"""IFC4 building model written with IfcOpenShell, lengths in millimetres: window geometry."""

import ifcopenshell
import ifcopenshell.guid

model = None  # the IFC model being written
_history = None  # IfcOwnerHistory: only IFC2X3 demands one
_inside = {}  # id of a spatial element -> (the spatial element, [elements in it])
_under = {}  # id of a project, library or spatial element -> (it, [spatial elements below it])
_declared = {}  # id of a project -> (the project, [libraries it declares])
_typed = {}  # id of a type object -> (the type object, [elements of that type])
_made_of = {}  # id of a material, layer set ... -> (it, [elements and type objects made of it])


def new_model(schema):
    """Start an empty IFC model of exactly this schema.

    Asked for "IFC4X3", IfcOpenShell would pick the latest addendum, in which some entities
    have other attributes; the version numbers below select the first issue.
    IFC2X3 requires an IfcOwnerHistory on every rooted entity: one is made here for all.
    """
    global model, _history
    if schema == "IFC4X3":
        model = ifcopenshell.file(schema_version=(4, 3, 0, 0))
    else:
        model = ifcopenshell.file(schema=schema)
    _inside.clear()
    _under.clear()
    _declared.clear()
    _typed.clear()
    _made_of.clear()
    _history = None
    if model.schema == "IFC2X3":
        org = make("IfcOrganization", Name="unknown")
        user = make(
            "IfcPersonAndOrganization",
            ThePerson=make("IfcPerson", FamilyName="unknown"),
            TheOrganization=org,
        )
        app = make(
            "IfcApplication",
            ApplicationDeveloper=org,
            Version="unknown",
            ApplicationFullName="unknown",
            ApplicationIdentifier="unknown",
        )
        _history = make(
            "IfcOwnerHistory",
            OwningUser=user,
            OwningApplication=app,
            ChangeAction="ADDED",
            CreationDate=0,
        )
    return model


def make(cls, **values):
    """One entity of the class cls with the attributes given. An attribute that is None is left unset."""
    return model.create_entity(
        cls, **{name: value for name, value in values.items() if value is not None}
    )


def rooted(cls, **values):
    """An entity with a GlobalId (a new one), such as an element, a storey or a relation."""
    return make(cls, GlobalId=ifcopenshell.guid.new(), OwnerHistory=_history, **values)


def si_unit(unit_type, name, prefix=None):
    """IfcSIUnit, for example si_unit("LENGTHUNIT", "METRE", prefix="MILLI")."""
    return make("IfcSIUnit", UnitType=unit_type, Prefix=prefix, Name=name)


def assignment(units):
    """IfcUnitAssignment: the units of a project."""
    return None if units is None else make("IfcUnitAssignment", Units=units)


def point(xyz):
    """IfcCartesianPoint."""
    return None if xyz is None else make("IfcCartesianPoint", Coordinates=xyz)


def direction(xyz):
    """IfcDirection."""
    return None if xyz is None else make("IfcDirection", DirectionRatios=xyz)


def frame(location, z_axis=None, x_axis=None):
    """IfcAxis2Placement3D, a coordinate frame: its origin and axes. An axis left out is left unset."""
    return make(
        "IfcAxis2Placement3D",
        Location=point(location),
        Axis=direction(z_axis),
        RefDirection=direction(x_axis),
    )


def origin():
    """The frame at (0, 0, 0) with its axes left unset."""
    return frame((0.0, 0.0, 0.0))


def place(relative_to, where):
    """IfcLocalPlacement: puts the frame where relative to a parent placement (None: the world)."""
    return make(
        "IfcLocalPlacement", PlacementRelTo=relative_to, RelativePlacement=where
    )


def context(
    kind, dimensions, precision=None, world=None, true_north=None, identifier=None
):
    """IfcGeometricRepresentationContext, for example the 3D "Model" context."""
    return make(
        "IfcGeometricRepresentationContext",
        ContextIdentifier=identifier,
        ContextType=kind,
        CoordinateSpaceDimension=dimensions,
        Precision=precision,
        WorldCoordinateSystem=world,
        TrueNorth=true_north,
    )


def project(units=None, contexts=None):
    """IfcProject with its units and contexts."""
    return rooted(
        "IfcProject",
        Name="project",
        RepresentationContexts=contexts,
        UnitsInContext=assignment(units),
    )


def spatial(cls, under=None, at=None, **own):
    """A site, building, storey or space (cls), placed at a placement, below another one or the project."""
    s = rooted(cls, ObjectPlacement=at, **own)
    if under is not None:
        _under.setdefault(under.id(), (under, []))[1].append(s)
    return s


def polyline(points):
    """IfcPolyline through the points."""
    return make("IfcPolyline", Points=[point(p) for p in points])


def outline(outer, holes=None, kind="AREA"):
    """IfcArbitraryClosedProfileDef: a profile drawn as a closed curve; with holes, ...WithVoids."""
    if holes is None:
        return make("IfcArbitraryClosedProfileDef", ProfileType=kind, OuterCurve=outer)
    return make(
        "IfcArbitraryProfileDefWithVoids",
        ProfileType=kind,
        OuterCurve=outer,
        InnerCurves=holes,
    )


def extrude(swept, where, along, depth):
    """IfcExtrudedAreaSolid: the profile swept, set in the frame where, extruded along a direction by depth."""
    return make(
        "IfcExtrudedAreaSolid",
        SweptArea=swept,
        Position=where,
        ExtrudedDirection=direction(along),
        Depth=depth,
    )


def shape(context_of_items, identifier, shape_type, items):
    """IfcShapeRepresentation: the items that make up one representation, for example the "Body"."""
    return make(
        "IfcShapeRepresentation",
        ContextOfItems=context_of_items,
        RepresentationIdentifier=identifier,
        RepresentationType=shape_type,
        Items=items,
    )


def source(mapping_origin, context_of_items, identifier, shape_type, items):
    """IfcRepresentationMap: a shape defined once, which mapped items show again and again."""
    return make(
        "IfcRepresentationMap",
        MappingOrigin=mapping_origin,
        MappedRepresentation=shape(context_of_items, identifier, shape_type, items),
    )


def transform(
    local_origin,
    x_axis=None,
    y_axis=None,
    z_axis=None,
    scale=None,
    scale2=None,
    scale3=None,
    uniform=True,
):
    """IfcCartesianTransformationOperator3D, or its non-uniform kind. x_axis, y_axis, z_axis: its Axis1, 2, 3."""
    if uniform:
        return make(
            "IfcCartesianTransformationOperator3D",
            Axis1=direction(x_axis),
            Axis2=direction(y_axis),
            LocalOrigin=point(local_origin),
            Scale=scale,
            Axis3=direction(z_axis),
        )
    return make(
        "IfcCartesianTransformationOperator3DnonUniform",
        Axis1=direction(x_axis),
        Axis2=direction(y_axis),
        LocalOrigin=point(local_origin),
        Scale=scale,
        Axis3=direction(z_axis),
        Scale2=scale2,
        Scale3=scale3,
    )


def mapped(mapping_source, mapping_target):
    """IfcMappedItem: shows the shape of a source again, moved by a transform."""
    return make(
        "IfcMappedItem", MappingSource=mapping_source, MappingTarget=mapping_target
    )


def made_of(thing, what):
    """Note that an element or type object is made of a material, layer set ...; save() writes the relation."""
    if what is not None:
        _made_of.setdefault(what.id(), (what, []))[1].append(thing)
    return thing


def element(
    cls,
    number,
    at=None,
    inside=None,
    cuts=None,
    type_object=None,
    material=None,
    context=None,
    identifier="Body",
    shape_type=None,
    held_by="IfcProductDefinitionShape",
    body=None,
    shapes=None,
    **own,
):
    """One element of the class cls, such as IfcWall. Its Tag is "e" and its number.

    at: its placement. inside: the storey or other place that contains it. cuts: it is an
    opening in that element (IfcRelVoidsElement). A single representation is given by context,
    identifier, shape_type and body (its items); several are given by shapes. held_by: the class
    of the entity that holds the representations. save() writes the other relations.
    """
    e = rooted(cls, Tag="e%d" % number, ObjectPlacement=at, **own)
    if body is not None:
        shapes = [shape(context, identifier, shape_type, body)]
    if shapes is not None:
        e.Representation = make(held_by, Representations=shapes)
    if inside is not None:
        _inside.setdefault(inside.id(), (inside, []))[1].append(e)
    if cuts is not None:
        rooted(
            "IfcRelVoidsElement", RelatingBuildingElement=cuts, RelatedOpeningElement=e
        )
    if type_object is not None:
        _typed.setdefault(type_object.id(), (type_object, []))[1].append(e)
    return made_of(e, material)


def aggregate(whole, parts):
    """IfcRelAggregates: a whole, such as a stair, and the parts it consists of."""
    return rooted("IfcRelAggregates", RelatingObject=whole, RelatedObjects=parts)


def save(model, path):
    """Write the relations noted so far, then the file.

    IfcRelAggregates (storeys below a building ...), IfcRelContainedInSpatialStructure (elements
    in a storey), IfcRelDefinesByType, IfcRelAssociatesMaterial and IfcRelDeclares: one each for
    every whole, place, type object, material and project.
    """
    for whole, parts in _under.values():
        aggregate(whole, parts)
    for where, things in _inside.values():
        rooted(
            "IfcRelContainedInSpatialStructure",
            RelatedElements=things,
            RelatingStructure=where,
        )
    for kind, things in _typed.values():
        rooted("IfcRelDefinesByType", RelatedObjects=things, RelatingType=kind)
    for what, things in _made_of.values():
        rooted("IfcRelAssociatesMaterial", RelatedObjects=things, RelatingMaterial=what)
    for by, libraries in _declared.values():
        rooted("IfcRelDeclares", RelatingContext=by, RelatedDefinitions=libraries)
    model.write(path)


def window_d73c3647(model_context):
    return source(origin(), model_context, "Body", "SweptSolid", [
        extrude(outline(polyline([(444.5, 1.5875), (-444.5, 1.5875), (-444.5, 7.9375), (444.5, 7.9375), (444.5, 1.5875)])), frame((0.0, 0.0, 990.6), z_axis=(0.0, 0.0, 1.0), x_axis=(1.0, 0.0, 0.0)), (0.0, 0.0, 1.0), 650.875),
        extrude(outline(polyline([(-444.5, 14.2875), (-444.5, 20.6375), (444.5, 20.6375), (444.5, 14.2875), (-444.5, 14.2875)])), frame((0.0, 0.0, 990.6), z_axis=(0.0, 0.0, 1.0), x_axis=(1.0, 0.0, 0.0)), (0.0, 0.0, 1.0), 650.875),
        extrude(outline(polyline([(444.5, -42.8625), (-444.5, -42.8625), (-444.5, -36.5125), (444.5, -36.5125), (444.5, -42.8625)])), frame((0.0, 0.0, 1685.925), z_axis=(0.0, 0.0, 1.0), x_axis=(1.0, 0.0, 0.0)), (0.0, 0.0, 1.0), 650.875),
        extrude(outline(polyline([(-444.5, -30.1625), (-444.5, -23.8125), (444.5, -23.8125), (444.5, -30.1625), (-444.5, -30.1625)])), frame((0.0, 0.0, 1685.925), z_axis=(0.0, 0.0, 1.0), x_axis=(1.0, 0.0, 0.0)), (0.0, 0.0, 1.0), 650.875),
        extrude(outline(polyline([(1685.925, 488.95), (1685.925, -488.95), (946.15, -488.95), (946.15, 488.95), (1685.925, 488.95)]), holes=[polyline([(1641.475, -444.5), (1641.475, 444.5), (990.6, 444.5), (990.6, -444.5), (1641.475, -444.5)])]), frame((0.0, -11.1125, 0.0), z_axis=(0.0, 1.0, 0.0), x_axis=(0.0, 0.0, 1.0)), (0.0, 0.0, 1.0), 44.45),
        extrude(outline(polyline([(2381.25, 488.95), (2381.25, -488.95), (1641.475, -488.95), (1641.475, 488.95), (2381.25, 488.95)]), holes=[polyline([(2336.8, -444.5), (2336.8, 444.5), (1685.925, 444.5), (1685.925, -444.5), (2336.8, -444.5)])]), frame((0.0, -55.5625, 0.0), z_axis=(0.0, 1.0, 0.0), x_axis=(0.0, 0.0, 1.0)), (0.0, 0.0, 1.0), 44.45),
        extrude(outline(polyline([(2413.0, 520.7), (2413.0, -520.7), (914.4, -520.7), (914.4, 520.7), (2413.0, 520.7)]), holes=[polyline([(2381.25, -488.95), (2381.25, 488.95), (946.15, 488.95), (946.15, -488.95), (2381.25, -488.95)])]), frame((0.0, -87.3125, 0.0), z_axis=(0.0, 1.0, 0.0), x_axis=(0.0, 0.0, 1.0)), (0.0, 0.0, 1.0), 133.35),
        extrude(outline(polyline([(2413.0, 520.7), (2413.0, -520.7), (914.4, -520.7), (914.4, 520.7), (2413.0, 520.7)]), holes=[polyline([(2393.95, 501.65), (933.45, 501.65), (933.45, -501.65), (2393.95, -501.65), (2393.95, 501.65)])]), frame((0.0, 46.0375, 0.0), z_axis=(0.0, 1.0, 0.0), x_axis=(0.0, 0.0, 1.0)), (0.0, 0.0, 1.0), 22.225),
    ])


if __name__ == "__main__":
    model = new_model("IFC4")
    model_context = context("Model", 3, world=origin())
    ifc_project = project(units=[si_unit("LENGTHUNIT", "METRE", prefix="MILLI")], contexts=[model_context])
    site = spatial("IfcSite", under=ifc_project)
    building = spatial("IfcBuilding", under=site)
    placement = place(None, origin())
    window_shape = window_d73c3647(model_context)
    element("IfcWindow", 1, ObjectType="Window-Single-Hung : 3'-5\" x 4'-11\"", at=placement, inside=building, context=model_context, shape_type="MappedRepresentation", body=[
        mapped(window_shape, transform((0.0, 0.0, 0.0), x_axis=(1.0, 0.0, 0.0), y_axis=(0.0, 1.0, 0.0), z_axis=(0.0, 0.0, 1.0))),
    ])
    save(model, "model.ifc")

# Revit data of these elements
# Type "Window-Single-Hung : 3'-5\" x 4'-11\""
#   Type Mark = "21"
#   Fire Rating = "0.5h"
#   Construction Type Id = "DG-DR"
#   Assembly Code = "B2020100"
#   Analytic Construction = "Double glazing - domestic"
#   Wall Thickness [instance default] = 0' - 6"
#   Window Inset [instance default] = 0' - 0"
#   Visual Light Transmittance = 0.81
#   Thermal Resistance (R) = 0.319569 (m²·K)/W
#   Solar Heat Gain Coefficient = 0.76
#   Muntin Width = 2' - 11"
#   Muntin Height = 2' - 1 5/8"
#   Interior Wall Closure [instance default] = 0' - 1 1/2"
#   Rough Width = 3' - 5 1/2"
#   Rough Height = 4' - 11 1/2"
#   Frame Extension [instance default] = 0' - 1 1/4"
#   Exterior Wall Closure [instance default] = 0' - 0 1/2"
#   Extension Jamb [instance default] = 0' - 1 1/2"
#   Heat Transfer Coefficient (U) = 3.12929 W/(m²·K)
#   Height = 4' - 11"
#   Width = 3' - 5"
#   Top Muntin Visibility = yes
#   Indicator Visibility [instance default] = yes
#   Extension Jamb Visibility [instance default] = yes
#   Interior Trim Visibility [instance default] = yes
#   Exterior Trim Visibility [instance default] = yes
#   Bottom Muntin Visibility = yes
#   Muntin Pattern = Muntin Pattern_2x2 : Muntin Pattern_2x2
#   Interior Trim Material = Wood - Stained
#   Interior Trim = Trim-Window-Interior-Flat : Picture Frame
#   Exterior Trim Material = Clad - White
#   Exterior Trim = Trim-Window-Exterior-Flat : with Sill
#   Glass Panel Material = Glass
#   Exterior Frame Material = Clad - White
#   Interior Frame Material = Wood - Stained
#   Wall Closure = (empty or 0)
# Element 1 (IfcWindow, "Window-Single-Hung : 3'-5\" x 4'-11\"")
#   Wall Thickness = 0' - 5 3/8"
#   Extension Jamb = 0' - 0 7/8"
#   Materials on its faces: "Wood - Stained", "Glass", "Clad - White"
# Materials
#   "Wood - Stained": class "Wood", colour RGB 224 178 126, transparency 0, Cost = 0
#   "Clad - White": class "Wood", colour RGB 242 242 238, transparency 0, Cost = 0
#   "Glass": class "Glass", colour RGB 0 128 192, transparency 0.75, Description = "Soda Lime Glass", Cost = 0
--------------------------------
Output exactly one stretch of the listing: from the line containing "Thickness = 0'" through the line containing "238, transparency 0, Cost = 0", both end lines included.

#   Wall Thickness = 0' - 5 3/8"
#   Extension Jamb = 0' - 0 7/8"
#   Materials on its faces: "Wood - Stained", "Glass", "Clad - White"
# Materials
#   "Wood - Stained": class "Wood", colour RGB 224 178 126, transparency 0, Cost = 0
#   "Clad - White": class "Wood", colour RGB 242 242 238, transparency 0, Cost = 0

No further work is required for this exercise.